Crash dumps are enabled on your computer.

On Tue 5/13/2014 1:50:02 PM GMT your computer crashed
crash dump file: C:\windows\Minidump\051314-8015-01.dmp
This was probably caused by the following module: ntoskrnl.exe (nt+0x153FA0) 
Bugcheck code: 0x9F (0x3, 0xFFFFE00077C05400, 0xFFFFF8037ED52930, 0xFFFFE0007C1DE5D0)
Error: DRIVER_POWER_STATE_FAILURE
file path: C:\windows\system32\ntoskrnl.exe
product: Microsoft® Windows® Operating System
company: Microsoft Corporation
description: NT Kernel & System
Bug check description: This bug check indicates that the driver is in an inconsistent or invalid power state.
This appears to be a typical software driver bug and is not likely to be caused by a hardware problem. 
The crash took place in the Windows kernel. Possibly this problem is caused by another driver that cannot be identified at this time. 



On Tue 5/13/2014 1:50:02 PM GMT your computer crashed
crash dump file: C:\windows\memory.dmp
This was probably caused by the following module: ntkrnlmp.exe (nt!KeBugCheckEx+0x0) 
Bugcheck code: 0x9F (0x3, 0xFFFFE00077C05400, 0xFFFFF8037ED52930, 0xFFFFE0007C1DE5D0)
Error: DRIVER_POWER_STATE_FAILURE
Bug check description: This bug check indicates that the driver is in an inconsistent or invalid power state.
This appears to be a typical software driver bug and is not likely to be caused by a hardware problem. 
The crash took place in the Windows kernel. Possibly this problem is caused by another driver that cannot be identified at this time. 
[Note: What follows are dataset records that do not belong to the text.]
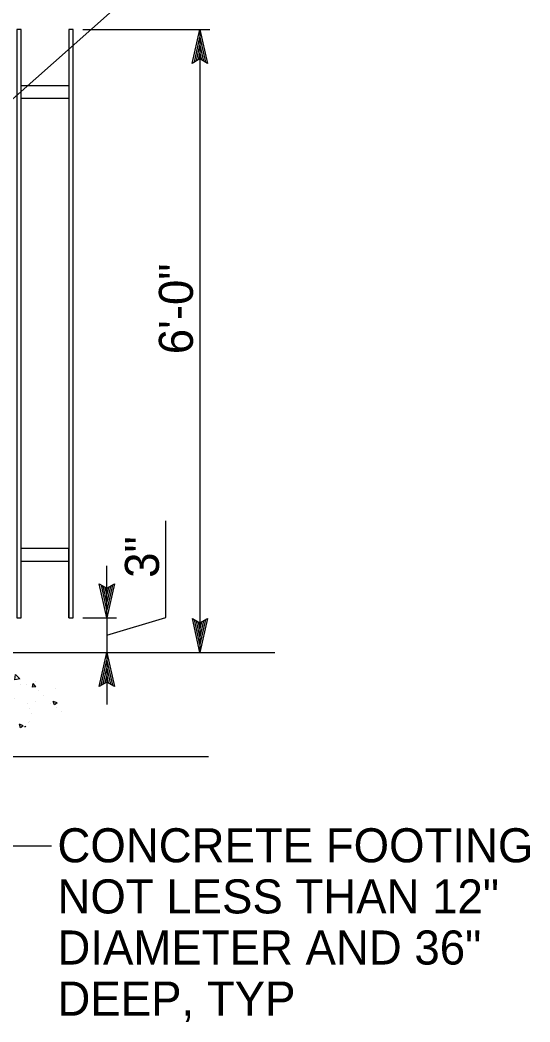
# Model space of a CAD drawing. Extents: x -123486 to -116575, y -107066 to -101122.
# Drawn here: x -118413.2 to -118323.4, y -103122.8 to -102946.3 of the extents above; entities that cross this region are included whole.
import ezdxf

# ---------------------------------------------------------------- set-up
doc = ezdxf.new("R2010")
doc.units = 0
for name, color, linetype in [('Erosion C (Lv35)', 7, 'Continuous'), ('G-MARK', 7, 'Continuous'), ('Misc CnstDet(22)', 7, 'Continuous')]:
    doc.layers.add(name, color=color, linetype=linetype)

# ---------------------------------------------------------------- blocks, each defined once
blk = doc.blocks.new('SC8415')
at = {"layer": 'Erosion C (Lv35)'}
for p, q in [((-1.69606, 1.76963), (-1.69579, 1.76945)), ((-1.69579, 1.76945), (-1.69573, 1.76963)), ((-1.70669, 1.76754), (-1.7059, 1.76836)), ((-1.70579, 1.7674), (-1.7059, 1.76836)), ((-1.70304, 1.76795), (-1.70304, 1.76795)), ((-1.6975, 1.7679), (-1.6975, 1.7679)), ((-1.69662, 1.7688), (-1.69662, 1.7688)), ((-1.69408, 1.76913), (-1.69408, 1.76913)), ((-1.69228, 1.76861), (-1.69228, 1.76861)), ((-1.68716, 1.76862), (-1.68716, 1.76862)), ((-1.68715, 1.76926), (-1.68715, 1.76926)), ((-1.70955, 1.76614), (-1.70906, 1.76672)), ((-1.70955, 1.76614), (-1.70894, 1.76608)), ((-1.70943, 1.76711), (-1.70943, 1.76711)), ((-1.70894, 1.76609), (-1.70906, 1.76672)), ((-1.70791, 1.76649), (-1.70791, 1.76649)), ((-1.70689, 1.76745), (-1.70689, 1.76745)), ((-1.70672, 1.76656), (-1.70672, 1.76656)), ((-1.70669, 1.76754), (-1.70579, 1.7674)), ((-1.70484, 1.76651), (-1.70412, 1.76679)), ((-1.70484, 1.76651), (-1.70433, 1.76617)), ((-1.70433, 1.76617), (-1.70412, 1.76679)), ((-1.70278, 1.76714), (-1.70278, 1.76714)), ((-1.70226, 1.7655), (-1.70177, 1.76608)), ((-1.70165, 1.76545), (-1.70177, 1.76609)), ((-1.7013, 1.76633), (-1.7013, 1.76633)), ((-1.69901, 1.76659), (-1.69901, 1.76659)), ((-1.69588, 1.7661), (-1.69588, 1.7661)), ((-1.69585, 1.76586), (-1.69506, 1.76668)), ((-1.69494, 1.76572), (-1.69506, 1.76668)), ((-1.69309, 1.7676), (-1.69309, 1.7676)), ((-1.69023, 1.7657), (-1.68952, 1.76597)), ((-1.68973, 1.76536), (-1.68952, 1.76597)), ((-1.68649, 1.76648), (-1.68649, 1.76648)), ((-1.68473, 1.76639), (-1.68473, 1.76639)), ((-1.68394, 1.76681), (-1.68394, 1.76681)), ((-1.682, 1.76664), (-1.682, 1.76664)), ((-1.71312, 1.76577), (-1.71312, 1.76577)), ((-1.71086, 1.76455), (-1.71086, 1.76455)), ((-1.71, 1.76543), (-1.71, 1.76543)), ((-1.70494, 1.76557), (-1.70494, 1.76557)), ((-1.70458, 1.7652), (-1.70458, 1.7652)), ((-1.70226, 1.7655), (-1.70165, 1.76545)), ((-1.6993, 1.76479), (-1.6993, 1.76479)), ((-1.69916, 1.76497), (-1.69916, 1.76497)), ((-1.69762, 1.76452), (-1.69762, 1.76452)), ((-1.69675, 1.76513), (-1.69675, 1.76513)), ((-1.69658, 1.76435), (-1.69658, 1.76435)), ((-1.69585, 1.76586), (-1.69494, 1.76572)), ((-1.69497, 1.76486), (-1.69449, 1.76545)), ((-1.69497, 1.76486), (-1.69437, 1.76481)), ((-1.69437, 1.76481), (-1.69448, 1.76545)), ((-1.69373, 1.76474), (-1.69373, 1.76474)), ((-1.6929, 1.76563), (-1.6929, 1.76563)), ((-1.69241, 1.76523), (-1.69241, 1.76523)), ((-1.69065, 1.76537), (-1.69065, 1.76537)), ((-1.69045, 1.76587), (-1.69045, 1.76587)), ((-1.69023, 1.7657), (-1.68973, 1.76536)), ((-1.68831, 1.76451), (-1.68831, 1.76451)), ((-1.68769, 1.76423), (-1.6872, 1.76481)), ((-1.68769, 1.76423), (-1.68708, 1.76417)), ((-1.68727, 1.76588), (-1.68727, 1.76588)), ((-1.68708, 1.76417), (-1.6872, 1.76481)), ((-1.68503, 1.76565), (-1.68503, 1.76565)), ((-1.685, 1.76418), (-1.68421, 1.765)), ((-1.685, 1.76418), (-1.6841, 1.76404)), ((-1.6841, 1.76404), (-1.68421, 1.765)), ((-1.68289, 1.76428), (-1.68289, 1.76428)), ((-1.71337, 1.76324), (-1.71266, 1.76351)), ((-1.71337, 1.76324), (-1.71287, 1.7629)), ((-1.71325, 1.76239), (-1.71325, 1.76239)), ((-1.71287, 1.7629), (-1.71266, 1.76351)), ((-1.7121, 1.7631), (-1.7121, 1.7631)), ((-1.70956, 1.76344), (-1.70956, 1.76344)), ((-1.70803, 1.7631), (-1.70803, 1.7631)), ((-1.70571, 1.76395), (-1.70571, 1.76395)), ((-1.7029, 1.76375), (-1.7029, 1.76375)), ((-1.7025, 1.76334), (-1.7025, 1.76334)), ((-1.69877, 1.76242), (-1.69806, 1.7627)), ((-1.69877, 1.76242), (-1.69827, 1.76208)), ((-1.69826, 1.76208), (-1.69806, 1.7627)), ((-1.68916, 1.76247), (-1.68916, 1.76247)), ((-1.6874, 1.7625), (-1.6874, 1.7625)), ((-1.68662, 1.7628), (-1.68662, 1.7628)), ((-1.68277, 1.76331), (-1.68277, 1.76331)), ((-1.71417, 1.76163), (-1.71417, 1.76163)), ((-1.70874, 1.7614), (-1.70874, 1.7614)), ((-1.70843, 1.76232), (-1.70843, 1.76232)), ((-1.70332, 1.76117), (-1.70332, 1.76117)), ((-1.70197, 1.76078), (-1.70197, 1.76078)), ((-1.69943, 1.76112), (-1.69943, 1.76112)), ((-1.6979, 1.76094), (-1.6979, 1.76094)), ((-1.69775, 1.76113), (-1.69775, 1.76113)), ((-1.69558, 1.76162), (-1.69558, 1.76162)), ((-1.6927, 1.7608), (-1.6927, 1.7608)), ((-1.69253, 1.76185), (-1.69253, 1.76185)), ((-1.69247, 1.76071), (-1.69247, 1.76071)), ((-1.68677, 1.76182), (-1.68677, 1.76182)), ((-1.68417, 1.76161), (-1.68346, 1.76188)), ((-1.68417, 1.76161), (-1.68366, 1.76127)), ((-1.68366, 1.76127), (-1.68346, 1.76188)), ((-1.70839, 1.75994), (-1.70839, 1.75994)), ((-1.70815, 1.75972), (-1.70815, 1.75972)), ((-1.70775, 1.75896), (-1.70765, 1.75908)), ((-1.70762, 1.7589), (-1.70765, 1.75908)), ((-1.70731, 1.75915), (-1.7066, 1.75942)), ((-1.70731, 1.75915), (-1.7068, 1.75881)), ((-1.7068, 1.75881), (-1.7066, 1.75942)), ((-1.70455, 1.75876), (-1.70455, 1.75876)), ((-1.70302, 1.76037), (-1.70302, 1.76037)), ((-1.69862, 1.75978), (-1.69862, 1.75978)), ((-1.68929, 1.7588), (-1.68929, 1.7588)), ((-1.68752, 1.75912), (-1.68752, 1.75912)), ((-1.68705, 1.76048), (-1.68705, 1.76048)), ((-1.68544, 1.7593), (-1.68544, 1.7593)), ((-1.68224, 1.75988), (-1.68224, 1.75988)), ((-1.70085, 1.75786), (-1.70036, 1.75844)), ((-1.70085, 1.75786), (-1.70025, 1.7578)), ((-1.70024, 1.75781), (-1.70036, 1.75844)), ((-1.69825, 1.75762), (-1.69825, 1.75762)), ((-1.69787, 1.75775), (-1.69787, 1.75775)), ((-1.69357, 1.75722), (-1.69308, 1.7578)), ((-1.69357, 1.75722), (-1.69296, 1.75717)), ((-1.69296, 1.75717), (-1.69307, 1.75781)), ((-1.69271, 1.75833), (-1.692, 1.75861)), ((-1.69271, 1.75833), (-1.6922, 1.75799)), ((-1.69265, 1.75847), (-1.69265, 1.75847)), ((-1.6922, 1.75799), (-1.69199, 1.75861)), ((-1.69183, 1.75846), (-1.69183, 1.75846)), ((-1.68628, 1.75658), (-1.68579, 1.75717)), ((-1.68567, 1.75653), (-1.68579, 1.75717)), ((-1.68628, 1.75658), (-1.68567, 1.75653))]:
    blk.add_line(p, q, dxfattribs=at)

msp = doc.modelspace()

# ---------------------------------------------------------------- linework, layer by layer
at = {"layer": 'G-MARK'}
for p, q in [((-118452.21, -102993.76), (-118367.63, -102918.62)), ((-118402.1, -102947.98), (-118379.76, -102947.98)), ((-118382.82, -102953.98), (-118381.48, -102947.98)), ((-118381.48, -102947.98), (-118381.48, -103057.71)), ((-118381.48, -102947.98), (-118381.48, -102947.98)), ((-118381.48, -102947.98), (-118380.15, -102953.98)), ((-118382.46, -102953.76), (-118381.48, -102949.36)), ((-118382.1, -102953.53), (-118381.48, -102950.74)), ((-118381.48, -102950.74), (-118380.85, -102953.57)), ((-118381.47, -102949.37), (-118380.5, -102953.75)), ((-118381.75, -102953.35), (-118381.48, -102952.13)), ((-118381.48, -102952.13), (-118381.21, -102953.33)), ((-118381.48, -102953.18), (-118382.82, -102953.98)), ((-118382.82, -102953.98), (-118382.82, -102953.98)), ((-118380.15, -102953.98), (-118381.48, -102953.18)), ((-118380.15, -102953.98), (-118380.15, -102953.98)), ((-118387.46, -103051.54), (-118387.46, -103034.54)), ((-118397.87, -103051.61), (-118397.87, -103042.47)), ((-118397.87, -103051.61), (-118399.2, -103045.61)), ((-118399.2, -103045.61), (-118399.2, -103045.61)), ((-118399.2, -103045.61), (-118397.87, -103046.41)), ((-118397.87, -103051.61), (-118399.2, -103045.61)), ((-118399.2, -103045.61), (-118399.2, -103045.61)), ((-118399.2, -103045.61), (-118397.87, -103046.41)), ((-118397.87, -103050.22), (-118398.84, -103045.85)), ((-118397.87, -103050.22), (-118398.84, -103045.85)), ((-118397.87, -103048.85), (-118398.49, -103046.03)), ((-118397.87, -103048.85), (-118398.49, -103046.03)), ((-118397.87, -103046.41), (-118396.53, -103045.61)), ((-118396.53, -103045.61), (-118397.87, -103051.61)), ((-118397.87, -103046.41), (-118396.53, -103045.61)), ((-118396.53, -103045.61), (-118397.87, -103051.61)), ((-118396.89, -103045.83), (-118397.87, -103050.23)), ((-118396.89, -103045.83), (-118397.87, -103050.23)), ((-118397.25, -103046.06), (-118397.87, -103048.85)), ((-118397.25, -103046.06), (-118397.87, -103048.85)), ((-118396.53, -103045.61), (-118396.53, -103045.61)), ((-118396.53, -103045.61), (-118396.53, -103045.61)), ((-118397.87, -103047.47), (-118398.14, -103046.26)), ((-118397.87, -103047.47), (-118398.14, -103046.26)), ((-118397.59, -103046.24), (-118397.87, -103047.47)), ((-118397.59, -103046.24), (-118397.87, -103047.47)), ((-118402.1, -103051.61), (-118396.16, -103051.61)), ((-118397.87, -103054.66), (-118387.46, -103051.54)), ((-118397.87, -103051.61), (-118397.87, -103057.71)), ((-118397.87, -103051.61), (-118397.87, -103057.71)), ((-118397.87, -103051.61), (-118397.87, -103051.61)), ((-118397.87, -103051.61), (-118397.87, -103051.61)), ((-118381.48, -103057.71), (-118382.81, -103051.71)), ((-118382.81, -103051.71), (-118382.81, -103051.71)), ((-118382.81, -103051.71), (-118381.48, -103052.51)), ((-118381.48, -103057.71), (-118382.81, -103051.71)), ((-118382.81, -103051.71), (-118382.81, -103051.71)), ((-118382.81, -103051.71), (-118381.48, -103052.51)), ((-118381.48, -103056.32), (-118382.45, -103051.94)), ((-118381.48, -103056.32), (-118382.45, -103051.94)), ((-118381.47, -103054.95), (-118382.1, -103052.12)), ((-118381.47, -103054.95), (-118382.1, -103052.12)), ((-118381.47, -103053.57), (-118381.74, -103052.36)), ((-118381.47, -103053.57), (-118381.74, -103052.36)), ((-118381.48, -103052.51), (-118380.14, -103051.71)), ((-118380.14, -103051.71), (-118381.48, -103057.71)), ((-118381.48, -103052.51), (-118380.14, -103051.71)), ((-118380.14, -103051.71), (-118381.48, -103057.71)), ((-118380.49, -103051.93), (-118381.47, -103056.33)), ((-118380.49, -103051.93), (-118381.47, -103056.33)), ((-118380.85, -103052.16), (-118381.47, -103054.95)), ((-118380.85, -103052.16), (-118381.47, -103054.95)), ((-118381.2, -103052.34), (-118381.47, -103053.57)), ((-118381.2, -103052.34), (-118381.47, -103053.57)), ((-118380.14, -103051.71), (-118380.14, -103051.71)), ((-118380.14, -103051.71), (-118380.14, -103051.71)), ((-118399.21, -103063.71), (-118397.87, -103057.71)), ((-118399.21, -103063.71), (-118397.87, -103057.71)), ((-118397.87, -103057.71), (-118397.87, -103066.85)), ((-118397.87, -103057.71), (-118397.87, -103057.71)), ((-118397.87, -103057.71), (-118396.54, -103063.71)), ((-118397.87, -103057.71), (-118397.87, -103057.71)), ((-118397.87, -103057.71), (-118396.54, -103063.71)), ((-118381.48, -103057.71), (-118381.48, -103057.71)), ((-118381.48, -103057.71), (-118381.48, -103057.71)), ((-118398.85, -103063.49), (-118397.87, -103059.09)), ((-118398.85, -103063.49), (-118397.87, -103059.09)), ((-118397.87, -103059.1), (-118396.9, -103063.47)), ((-118397.87, -103059.1), (-118396.9, -103063.47)), ((-118398.5, -103063.26), (-118397.87, -103060.47)), ((-118398.5, -103063.26), (-118397.87, -103060.47)), ((-118398.15, -103063.08), (-118397.87, -103061.85)), ((-118398.15, -103063.08), (-118397.87, -103061.85)), ((-118397.87, -103060.47), (-118397.25, -103063.3)), ((-118397.87, -103060.47), (-118397.25, -103063.3)), ((-118397.87, -103061.85), (-118397.61, -103063.06)), ((-118397.87, -103061.85), (-118397.61, -103063.06)), ((-118397.87, -103062.91), (-118399.21, -103063.71)), ((-118397.87, -103062.91), (-118399.21, -103063.71)), ((-118399.21, -103063.71), (-118399.21, -103063.71)), ((-118399.21, -103063.71), (-118399.21, -103063.71)), ((-118396.54, -103063.71), (-118397.87, -103062.91)), ((-118396.54, -103063.71), (-118397.87, -103062.91)), ((-118396.54, -103063.71), (-118396.54, -103063.71)), ((-118396.54, -103063.71), (-118396.54, -103063.71)), ((-118407.59, -103091.83), (-118418.39, -103091.83))]:
    msp.add_line(p, q, dxfattribs=at)
at = {"layer": 'Misc CnstDet(22)'}
for p, q in [((-118403.82, -102947.98), (-118403.82, -102947.98)), ((-118382.82, -102953.98), (-118381.48, -102947.98)), ((-118381.48, -102947.98), (-118381.48, -102947.98)), ((-118381.48, -102947.98), (-118380.15, -102953.98)), ((-118382.46, -102953.76), (-118381.48, -102949.36)), ((-118382.1, -102953.53), (-118381.48, -102950.74)), ((-118381.48, -102950.74), (-118380.85, -102953.57)), ((-118381.47, -102949.37), (-118380.5, -102953.75)), ((-118381.75, -102953.35), (-118381.48, -102952.13)), ((-118381.48, -102952.13), (-118381.21, -102953.33)), ((-118381.48, -102953.18), (-118382.82, -102953.98)), ((-118382.82, -102953.98), (-118382.82, -102953.98)), ((-118380.15, -102953.98), (-118381.48, -102953.18)), ((-118380.15, -102953.98), (-118380.15, -102953.98)), ((-118404.58, -102957.89), (-118412.96, -102957.89)), ((-118404.58, -102960.17), (-118412.96, -102960.17)), ((-118404.58, -103039.42), (-118412.96, -103039.42)), ((-118404.58, -103051.61), (-118404.58, -103039.42)), ((-118404.58, -103041.71), (-118412.96, -103041.71)), ((-118403.82, -103051.61), (-118403.82, -103051.61)), ((-118444.68, -103057.71), (-118368.28, -103057.71)), ((-118403.82, -103057.71), (-118403.82, -103057.71)), ((-118403.82, -103057.71), (-118403.82, -103057.71)), ((-118402.1, -103057.71), (-118379.76, -103057.71)), ((-118402.1, -103057.71), (-118396.16, -103057.71)), ((-118397.87, -103057.71), (-118397.87, -103057.71)), ((-118381.48, -103057.71), (-118381.48, -103057.71)), ((-118444.68, -103076), (-118379.99, -103076))]:
    msp.add_line(p, q, dxfattribs=at)
for points in [[(-118413.73, -103051.61), (-118412.96, -103051.61), (-118412.96, -102947.98), (-118413.73, -102947.98)], [(-118404.58, -103051.61), (-118403.82, -103051.61), (-118403.82, -102947.98), (-118404.58, -102947.98)]]:
    msp.add_lwpolyline(points, close=True, dxfattribs=at)

# ---------------------------------------------------------------- block references
at = {"layer": 'Misc CnstDet(22)', "xscale": 984.251968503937, "yscale": -984.251968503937, "rotation": 180}
msp.add_blockref('SC8415', (-120093, -104802.07), dxfattribs=at)

# ---------------------------------------------------------------- texts
at = {"layer": 'Misc CnstDet(22)'}
for s, p in [('6\'-0"', (-118382.71, -103005.18)), ('3"', (-118388.69, -103044.56))]:
    msp.add_text(s, height=6, rotation=90, dxfattribs=at).set_placement(p)
for s, p in [('CONCRETE FOOTING', (-118406.57, -103094.67)), ('NOT LESS THAN 12"', (-118406.57, -103103.67)), ('DIAMETER AND 36"', (-118406.57, -103112.67)), ('DEEP, TYP', (-118406.57, -103121.67))]:
    msp.add_text(s, height=6, dxfattribs=at).set_placement(p)

doc.saveas('drawing.dxf')

On Mon 5/5/2014 3:12:00 PM GMT your computer crashed
crash dump file: C:\windows\Minidump\050514-6890-01.dmp
This was probably caused by the following module: ntoskrnl.exe (nt+0x153FA0) 
Bugcheck code: 0x9F (0x3, 0xFFFFE001BC8A6060, 0xFFFFD000827C6930, 0xFFFFE001BCED0100)
Error: DRIVER_POWER_STATE_FAILURE
file path: C:\windows\system32\ntoskrnl.exe
product: Microsoft® Windows® Operating System
company: Microsoft Corporation
description: NT Kernel & System
Bug check description: This bug check indicates that the driver is in an inconsistent or invalid power state.
This appears to be a typical software driver bug and is not likely to be caused by a hardware problem. 
The crash took place in the Windows kernel. Possibly this problem is caused by another driver that cannot be identified at this time. 




--------------------------------------------------------------------------------
Conclusion
--------------------------------------------------------------------------------

3 crash dumps have been found and analyzed. No offending third party drivers have been found. Connsider using WhoCrashed Professional which offers more detailed analysis using symbol resolution. Also configuring your system to produce a full memory dump may help you.


----------



## vp3434 (Mar 15, 2009)

Note, I restarted the computer after the previous post, and the exclamation point next to the "Generic PNP Monitor" in Device Manager is gone. The crash problem still exists though.


----------